* [Data supplied]:
=== Section Start ===

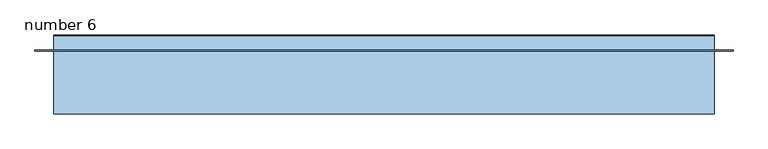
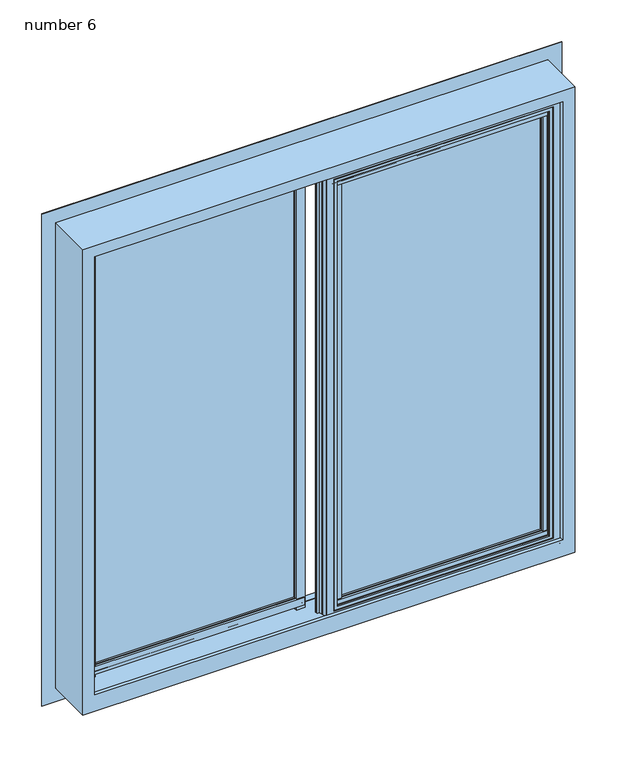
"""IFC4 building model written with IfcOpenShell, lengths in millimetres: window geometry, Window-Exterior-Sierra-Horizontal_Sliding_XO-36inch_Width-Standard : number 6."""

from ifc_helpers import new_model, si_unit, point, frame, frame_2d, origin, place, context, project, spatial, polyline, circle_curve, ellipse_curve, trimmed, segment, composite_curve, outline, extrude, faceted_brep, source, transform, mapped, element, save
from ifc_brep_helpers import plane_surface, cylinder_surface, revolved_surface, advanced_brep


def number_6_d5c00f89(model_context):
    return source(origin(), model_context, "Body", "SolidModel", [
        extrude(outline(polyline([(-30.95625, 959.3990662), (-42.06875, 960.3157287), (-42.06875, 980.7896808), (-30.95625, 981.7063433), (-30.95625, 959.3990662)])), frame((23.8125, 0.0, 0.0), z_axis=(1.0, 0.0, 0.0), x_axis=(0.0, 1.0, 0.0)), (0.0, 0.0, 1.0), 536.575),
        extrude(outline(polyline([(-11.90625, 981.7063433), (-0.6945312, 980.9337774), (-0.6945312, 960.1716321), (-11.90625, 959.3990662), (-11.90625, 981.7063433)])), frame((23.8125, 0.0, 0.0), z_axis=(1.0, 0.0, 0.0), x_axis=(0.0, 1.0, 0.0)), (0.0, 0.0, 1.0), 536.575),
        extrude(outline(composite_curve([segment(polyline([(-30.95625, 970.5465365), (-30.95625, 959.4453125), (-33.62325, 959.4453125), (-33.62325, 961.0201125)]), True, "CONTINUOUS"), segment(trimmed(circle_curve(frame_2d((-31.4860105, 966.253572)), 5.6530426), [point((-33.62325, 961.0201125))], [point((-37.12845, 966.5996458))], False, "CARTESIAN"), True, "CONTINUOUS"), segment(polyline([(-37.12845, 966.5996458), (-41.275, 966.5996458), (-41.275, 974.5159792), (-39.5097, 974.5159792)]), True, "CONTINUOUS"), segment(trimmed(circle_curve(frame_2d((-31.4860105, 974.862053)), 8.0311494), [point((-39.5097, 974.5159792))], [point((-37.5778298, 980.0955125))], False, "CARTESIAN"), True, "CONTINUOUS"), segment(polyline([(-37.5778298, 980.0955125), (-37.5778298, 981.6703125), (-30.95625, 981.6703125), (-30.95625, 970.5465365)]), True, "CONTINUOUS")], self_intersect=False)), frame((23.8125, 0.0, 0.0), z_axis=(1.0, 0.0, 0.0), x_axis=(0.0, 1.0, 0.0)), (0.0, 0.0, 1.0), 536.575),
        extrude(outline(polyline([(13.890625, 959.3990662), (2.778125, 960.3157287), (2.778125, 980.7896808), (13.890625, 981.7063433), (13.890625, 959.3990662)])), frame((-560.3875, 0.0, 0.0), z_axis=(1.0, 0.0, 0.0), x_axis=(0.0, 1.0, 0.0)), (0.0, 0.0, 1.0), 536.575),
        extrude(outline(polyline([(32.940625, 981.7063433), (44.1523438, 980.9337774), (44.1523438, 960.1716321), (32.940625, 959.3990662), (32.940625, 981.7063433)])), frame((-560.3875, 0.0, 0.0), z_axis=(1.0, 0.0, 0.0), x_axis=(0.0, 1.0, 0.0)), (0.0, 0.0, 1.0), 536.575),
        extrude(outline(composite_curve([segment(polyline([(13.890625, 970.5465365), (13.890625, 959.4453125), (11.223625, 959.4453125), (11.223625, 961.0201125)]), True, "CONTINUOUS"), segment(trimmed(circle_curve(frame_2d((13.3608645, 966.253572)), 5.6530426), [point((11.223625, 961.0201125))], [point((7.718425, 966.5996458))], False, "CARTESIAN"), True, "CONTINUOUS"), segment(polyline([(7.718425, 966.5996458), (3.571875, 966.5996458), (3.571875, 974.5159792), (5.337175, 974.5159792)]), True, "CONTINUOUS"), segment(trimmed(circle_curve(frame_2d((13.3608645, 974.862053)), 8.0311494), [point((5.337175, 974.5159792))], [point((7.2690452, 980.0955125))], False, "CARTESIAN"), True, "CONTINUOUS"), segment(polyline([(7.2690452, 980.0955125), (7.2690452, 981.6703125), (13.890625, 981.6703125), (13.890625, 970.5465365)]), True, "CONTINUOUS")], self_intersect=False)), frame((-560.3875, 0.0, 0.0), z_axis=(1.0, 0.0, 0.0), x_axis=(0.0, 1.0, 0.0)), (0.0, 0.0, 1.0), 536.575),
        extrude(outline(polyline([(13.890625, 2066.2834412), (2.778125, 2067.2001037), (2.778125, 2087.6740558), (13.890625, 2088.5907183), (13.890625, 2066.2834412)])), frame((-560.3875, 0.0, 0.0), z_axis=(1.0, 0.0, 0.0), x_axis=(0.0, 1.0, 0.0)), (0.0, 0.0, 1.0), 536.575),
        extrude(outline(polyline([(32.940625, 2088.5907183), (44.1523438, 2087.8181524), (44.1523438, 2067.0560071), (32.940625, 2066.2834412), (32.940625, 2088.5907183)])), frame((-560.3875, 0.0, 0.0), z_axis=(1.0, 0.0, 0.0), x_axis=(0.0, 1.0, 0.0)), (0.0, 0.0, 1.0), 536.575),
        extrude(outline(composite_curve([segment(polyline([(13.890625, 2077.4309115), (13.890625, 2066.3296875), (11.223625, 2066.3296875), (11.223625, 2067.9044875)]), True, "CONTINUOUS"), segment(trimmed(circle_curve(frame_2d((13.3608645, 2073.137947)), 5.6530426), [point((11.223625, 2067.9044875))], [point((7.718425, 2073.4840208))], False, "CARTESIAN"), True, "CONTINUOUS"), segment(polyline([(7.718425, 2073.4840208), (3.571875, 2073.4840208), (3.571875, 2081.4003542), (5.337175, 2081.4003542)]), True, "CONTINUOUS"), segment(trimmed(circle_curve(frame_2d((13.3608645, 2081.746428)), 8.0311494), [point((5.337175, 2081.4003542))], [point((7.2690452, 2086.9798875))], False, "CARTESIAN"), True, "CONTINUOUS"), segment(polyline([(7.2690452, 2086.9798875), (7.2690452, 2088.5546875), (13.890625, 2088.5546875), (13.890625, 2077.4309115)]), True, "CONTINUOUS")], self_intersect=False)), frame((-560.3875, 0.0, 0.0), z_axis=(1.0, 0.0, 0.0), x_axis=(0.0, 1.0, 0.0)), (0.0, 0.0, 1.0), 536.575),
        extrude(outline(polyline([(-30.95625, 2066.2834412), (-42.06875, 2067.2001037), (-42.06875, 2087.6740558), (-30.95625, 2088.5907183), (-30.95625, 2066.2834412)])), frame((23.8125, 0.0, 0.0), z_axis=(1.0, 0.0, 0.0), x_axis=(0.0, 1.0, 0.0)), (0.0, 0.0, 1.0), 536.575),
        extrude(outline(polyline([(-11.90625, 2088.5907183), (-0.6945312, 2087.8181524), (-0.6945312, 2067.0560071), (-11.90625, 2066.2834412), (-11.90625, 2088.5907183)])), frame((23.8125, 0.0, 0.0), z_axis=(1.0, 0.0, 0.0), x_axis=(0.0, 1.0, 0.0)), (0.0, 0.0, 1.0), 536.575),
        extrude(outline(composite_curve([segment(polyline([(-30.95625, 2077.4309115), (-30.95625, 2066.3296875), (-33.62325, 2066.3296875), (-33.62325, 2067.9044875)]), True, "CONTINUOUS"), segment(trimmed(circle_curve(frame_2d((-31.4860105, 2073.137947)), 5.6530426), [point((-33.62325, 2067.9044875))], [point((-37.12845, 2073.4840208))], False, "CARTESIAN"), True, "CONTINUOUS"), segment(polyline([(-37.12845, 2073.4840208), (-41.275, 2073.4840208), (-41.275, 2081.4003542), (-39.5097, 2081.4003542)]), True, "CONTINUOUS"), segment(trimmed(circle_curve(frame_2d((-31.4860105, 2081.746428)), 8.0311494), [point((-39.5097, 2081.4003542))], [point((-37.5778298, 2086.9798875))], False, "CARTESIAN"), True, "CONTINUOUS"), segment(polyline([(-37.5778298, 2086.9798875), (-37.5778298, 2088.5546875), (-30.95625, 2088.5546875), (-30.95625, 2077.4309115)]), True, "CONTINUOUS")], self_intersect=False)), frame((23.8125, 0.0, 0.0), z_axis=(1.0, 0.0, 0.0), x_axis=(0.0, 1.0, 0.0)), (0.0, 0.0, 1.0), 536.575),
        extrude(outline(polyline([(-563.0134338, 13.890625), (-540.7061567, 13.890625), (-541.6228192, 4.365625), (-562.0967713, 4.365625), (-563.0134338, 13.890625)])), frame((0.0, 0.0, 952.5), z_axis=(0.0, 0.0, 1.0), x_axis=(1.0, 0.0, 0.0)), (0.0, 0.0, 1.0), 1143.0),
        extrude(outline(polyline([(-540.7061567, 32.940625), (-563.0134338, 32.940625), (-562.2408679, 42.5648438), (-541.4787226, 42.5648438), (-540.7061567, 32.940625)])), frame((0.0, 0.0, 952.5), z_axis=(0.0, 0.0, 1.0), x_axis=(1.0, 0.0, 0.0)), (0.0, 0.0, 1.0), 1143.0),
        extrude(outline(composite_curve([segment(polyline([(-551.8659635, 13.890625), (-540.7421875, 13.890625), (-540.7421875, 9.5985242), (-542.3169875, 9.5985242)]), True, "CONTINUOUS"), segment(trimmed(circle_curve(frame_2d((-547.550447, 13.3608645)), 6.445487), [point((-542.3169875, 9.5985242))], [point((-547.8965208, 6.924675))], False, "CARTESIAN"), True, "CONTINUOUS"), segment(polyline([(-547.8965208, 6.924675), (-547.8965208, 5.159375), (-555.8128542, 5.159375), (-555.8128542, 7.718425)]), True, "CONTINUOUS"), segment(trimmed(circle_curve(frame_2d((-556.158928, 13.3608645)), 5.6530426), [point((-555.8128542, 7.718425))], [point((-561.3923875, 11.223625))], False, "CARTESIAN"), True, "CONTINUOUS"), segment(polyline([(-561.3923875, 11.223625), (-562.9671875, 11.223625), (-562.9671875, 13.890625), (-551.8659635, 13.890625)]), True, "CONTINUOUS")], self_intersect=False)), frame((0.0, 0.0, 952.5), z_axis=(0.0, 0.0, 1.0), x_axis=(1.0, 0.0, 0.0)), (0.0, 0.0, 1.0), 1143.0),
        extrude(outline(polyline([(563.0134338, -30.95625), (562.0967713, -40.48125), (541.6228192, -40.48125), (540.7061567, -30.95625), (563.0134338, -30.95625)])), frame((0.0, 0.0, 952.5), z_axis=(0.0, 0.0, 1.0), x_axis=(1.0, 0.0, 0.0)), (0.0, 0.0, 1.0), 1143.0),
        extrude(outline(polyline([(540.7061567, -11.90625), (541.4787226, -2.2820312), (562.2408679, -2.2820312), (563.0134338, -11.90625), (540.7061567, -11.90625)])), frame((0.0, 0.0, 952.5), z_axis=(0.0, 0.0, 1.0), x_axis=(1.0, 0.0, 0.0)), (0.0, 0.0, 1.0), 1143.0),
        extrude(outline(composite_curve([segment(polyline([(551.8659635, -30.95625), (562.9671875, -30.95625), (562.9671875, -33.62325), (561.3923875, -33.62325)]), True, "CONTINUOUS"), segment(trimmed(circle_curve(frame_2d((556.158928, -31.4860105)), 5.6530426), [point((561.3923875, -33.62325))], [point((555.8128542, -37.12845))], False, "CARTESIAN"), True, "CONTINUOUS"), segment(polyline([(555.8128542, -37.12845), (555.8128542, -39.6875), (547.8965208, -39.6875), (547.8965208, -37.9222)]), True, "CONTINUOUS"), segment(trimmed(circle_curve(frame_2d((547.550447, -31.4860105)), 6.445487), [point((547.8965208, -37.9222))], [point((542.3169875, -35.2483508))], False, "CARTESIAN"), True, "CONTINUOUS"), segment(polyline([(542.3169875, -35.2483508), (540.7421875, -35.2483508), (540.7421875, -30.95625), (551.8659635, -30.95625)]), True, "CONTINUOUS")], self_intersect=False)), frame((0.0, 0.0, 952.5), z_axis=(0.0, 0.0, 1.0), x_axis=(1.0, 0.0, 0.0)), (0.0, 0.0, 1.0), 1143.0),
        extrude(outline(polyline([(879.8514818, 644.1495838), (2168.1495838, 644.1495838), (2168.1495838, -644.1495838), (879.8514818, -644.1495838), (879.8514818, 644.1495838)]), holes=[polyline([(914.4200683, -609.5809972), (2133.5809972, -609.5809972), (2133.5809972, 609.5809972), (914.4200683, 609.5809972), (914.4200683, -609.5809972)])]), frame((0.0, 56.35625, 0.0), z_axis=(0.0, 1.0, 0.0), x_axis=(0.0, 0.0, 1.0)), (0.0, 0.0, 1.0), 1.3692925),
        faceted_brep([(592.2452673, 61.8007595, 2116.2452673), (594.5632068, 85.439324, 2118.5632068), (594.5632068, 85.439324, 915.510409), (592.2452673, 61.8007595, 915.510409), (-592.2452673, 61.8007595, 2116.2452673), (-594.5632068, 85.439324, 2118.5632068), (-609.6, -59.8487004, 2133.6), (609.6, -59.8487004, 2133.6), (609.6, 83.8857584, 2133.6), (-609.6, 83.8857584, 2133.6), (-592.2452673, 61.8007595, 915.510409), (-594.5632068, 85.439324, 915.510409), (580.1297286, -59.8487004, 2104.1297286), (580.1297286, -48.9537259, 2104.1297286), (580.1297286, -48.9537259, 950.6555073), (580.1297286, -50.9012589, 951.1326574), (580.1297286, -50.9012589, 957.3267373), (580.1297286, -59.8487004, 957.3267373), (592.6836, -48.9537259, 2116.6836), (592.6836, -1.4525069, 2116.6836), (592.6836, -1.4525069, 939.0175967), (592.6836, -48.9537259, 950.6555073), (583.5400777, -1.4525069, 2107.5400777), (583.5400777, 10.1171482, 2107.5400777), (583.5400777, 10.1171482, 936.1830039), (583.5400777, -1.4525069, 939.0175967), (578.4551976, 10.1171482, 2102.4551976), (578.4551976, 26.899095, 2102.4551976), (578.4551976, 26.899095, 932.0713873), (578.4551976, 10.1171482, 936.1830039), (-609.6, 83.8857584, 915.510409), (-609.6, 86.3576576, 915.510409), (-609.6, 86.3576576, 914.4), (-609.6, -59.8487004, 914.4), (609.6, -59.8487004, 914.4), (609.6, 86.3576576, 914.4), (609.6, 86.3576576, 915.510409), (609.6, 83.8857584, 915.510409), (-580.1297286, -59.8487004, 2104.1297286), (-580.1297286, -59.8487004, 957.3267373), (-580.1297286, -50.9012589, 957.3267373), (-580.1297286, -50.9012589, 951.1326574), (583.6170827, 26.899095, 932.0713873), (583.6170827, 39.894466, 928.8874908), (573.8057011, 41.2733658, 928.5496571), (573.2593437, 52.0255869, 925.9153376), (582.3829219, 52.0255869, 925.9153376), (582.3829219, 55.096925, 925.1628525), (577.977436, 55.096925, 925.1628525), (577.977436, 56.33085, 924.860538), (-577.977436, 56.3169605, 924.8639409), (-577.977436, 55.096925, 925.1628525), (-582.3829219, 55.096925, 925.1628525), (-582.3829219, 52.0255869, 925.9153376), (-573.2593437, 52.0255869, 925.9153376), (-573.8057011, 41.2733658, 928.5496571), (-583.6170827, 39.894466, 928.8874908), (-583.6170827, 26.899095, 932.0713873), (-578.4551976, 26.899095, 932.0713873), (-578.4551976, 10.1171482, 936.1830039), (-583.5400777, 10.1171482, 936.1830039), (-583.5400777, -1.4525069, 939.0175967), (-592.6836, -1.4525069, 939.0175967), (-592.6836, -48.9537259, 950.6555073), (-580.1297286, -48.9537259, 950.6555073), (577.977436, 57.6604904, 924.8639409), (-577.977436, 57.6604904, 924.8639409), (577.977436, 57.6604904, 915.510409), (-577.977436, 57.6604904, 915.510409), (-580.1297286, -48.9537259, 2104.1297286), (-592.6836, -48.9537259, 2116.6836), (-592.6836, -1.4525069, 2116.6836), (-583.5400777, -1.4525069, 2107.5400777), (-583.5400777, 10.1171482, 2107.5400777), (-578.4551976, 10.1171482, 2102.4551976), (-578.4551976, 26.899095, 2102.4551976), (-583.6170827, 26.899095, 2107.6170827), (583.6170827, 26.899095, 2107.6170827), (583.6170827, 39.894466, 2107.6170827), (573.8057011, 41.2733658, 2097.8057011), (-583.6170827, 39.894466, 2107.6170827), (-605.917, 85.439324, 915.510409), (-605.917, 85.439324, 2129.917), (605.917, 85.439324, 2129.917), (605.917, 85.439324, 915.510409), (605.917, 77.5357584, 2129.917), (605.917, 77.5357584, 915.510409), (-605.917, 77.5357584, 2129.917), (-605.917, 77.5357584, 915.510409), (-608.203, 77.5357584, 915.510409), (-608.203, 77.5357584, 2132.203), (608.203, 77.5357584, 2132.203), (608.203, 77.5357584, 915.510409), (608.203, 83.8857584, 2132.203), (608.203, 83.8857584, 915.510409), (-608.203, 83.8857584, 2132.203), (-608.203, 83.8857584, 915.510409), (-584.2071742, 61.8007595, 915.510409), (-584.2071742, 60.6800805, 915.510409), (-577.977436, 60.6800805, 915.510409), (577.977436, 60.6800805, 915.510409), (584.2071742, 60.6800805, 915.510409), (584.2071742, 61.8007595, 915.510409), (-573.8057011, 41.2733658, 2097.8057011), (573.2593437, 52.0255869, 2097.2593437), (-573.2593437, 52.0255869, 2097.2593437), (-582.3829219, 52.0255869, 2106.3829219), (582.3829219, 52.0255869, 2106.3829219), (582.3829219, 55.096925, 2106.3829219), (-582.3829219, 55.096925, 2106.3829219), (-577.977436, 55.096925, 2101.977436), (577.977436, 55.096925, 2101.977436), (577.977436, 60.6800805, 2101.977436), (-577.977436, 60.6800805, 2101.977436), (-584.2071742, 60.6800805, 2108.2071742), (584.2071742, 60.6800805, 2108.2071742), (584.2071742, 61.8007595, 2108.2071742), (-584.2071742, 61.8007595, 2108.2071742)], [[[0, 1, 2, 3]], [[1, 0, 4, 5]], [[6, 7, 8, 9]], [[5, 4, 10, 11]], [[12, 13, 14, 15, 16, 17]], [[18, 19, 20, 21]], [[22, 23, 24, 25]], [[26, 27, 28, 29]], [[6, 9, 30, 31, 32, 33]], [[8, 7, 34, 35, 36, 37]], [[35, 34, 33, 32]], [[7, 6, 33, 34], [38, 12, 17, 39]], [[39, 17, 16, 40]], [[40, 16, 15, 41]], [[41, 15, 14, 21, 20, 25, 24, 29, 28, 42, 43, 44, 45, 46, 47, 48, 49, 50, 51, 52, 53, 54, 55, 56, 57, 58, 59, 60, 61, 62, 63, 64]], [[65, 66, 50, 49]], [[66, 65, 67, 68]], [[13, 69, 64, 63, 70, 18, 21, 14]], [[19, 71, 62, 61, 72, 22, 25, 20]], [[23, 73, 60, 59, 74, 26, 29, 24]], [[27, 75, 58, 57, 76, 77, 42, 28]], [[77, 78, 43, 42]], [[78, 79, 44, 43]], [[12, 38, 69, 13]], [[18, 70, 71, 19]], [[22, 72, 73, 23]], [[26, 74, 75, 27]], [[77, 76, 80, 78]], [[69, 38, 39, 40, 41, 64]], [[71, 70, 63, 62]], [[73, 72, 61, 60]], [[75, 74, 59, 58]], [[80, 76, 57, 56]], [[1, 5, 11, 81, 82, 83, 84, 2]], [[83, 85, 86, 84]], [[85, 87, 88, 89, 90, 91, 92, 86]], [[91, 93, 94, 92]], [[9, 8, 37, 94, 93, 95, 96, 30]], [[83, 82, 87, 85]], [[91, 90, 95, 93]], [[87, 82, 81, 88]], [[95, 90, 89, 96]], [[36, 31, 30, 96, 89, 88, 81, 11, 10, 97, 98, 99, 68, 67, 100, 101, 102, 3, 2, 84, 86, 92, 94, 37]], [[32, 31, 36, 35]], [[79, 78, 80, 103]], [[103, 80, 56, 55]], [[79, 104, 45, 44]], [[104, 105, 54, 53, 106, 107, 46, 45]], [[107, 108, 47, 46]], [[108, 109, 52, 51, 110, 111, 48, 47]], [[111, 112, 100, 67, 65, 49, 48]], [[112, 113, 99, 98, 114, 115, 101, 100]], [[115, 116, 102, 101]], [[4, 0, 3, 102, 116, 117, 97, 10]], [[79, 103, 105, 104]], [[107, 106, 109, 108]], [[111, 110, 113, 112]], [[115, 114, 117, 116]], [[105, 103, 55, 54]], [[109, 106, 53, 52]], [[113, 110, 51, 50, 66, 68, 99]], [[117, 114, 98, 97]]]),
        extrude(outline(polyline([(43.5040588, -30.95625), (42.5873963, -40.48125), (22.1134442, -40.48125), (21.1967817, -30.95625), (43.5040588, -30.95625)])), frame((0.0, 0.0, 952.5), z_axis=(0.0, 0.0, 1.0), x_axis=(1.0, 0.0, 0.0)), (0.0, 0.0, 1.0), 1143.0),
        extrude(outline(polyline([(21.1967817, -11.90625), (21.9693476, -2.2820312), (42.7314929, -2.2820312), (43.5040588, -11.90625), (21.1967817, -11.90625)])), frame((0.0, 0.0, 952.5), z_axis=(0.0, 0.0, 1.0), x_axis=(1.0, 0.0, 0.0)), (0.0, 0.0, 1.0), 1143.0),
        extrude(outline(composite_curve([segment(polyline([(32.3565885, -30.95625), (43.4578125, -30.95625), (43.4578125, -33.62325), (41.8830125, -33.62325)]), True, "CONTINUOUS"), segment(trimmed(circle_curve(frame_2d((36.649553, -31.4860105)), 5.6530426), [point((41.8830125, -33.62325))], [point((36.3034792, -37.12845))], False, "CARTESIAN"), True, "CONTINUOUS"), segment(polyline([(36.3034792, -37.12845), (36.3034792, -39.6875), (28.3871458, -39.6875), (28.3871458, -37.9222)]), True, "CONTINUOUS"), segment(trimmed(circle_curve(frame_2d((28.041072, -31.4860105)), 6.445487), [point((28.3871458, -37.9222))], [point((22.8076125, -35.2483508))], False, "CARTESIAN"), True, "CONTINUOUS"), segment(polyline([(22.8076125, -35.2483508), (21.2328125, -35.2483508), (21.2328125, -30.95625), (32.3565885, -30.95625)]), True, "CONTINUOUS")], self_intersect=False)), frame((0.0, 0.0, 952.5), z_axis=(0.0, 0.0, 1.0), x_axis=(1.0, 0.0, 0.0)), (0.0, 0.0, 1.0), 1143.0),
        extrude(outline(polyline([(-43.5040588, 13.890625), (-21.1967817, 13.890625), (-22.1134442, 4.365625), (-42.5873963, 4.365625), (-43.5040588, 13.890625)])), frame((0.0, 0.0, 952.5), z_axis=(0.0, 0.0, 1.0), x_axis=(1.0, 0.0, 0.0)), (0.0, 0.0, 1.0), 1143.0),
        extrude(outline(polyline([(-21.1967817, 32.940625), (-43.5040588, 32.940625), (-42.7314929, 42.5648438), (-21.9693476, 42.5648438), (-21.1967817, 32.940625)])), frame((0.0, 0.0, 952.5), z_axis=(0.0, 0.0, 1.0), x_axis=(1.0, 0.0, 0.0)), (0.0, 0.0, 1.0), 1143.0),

=== Section End ===

* [Problem statement]: Go line by line through the entries above and tally those that hold the word "from"; give the tally alone.

* [Result of this exercise]: 2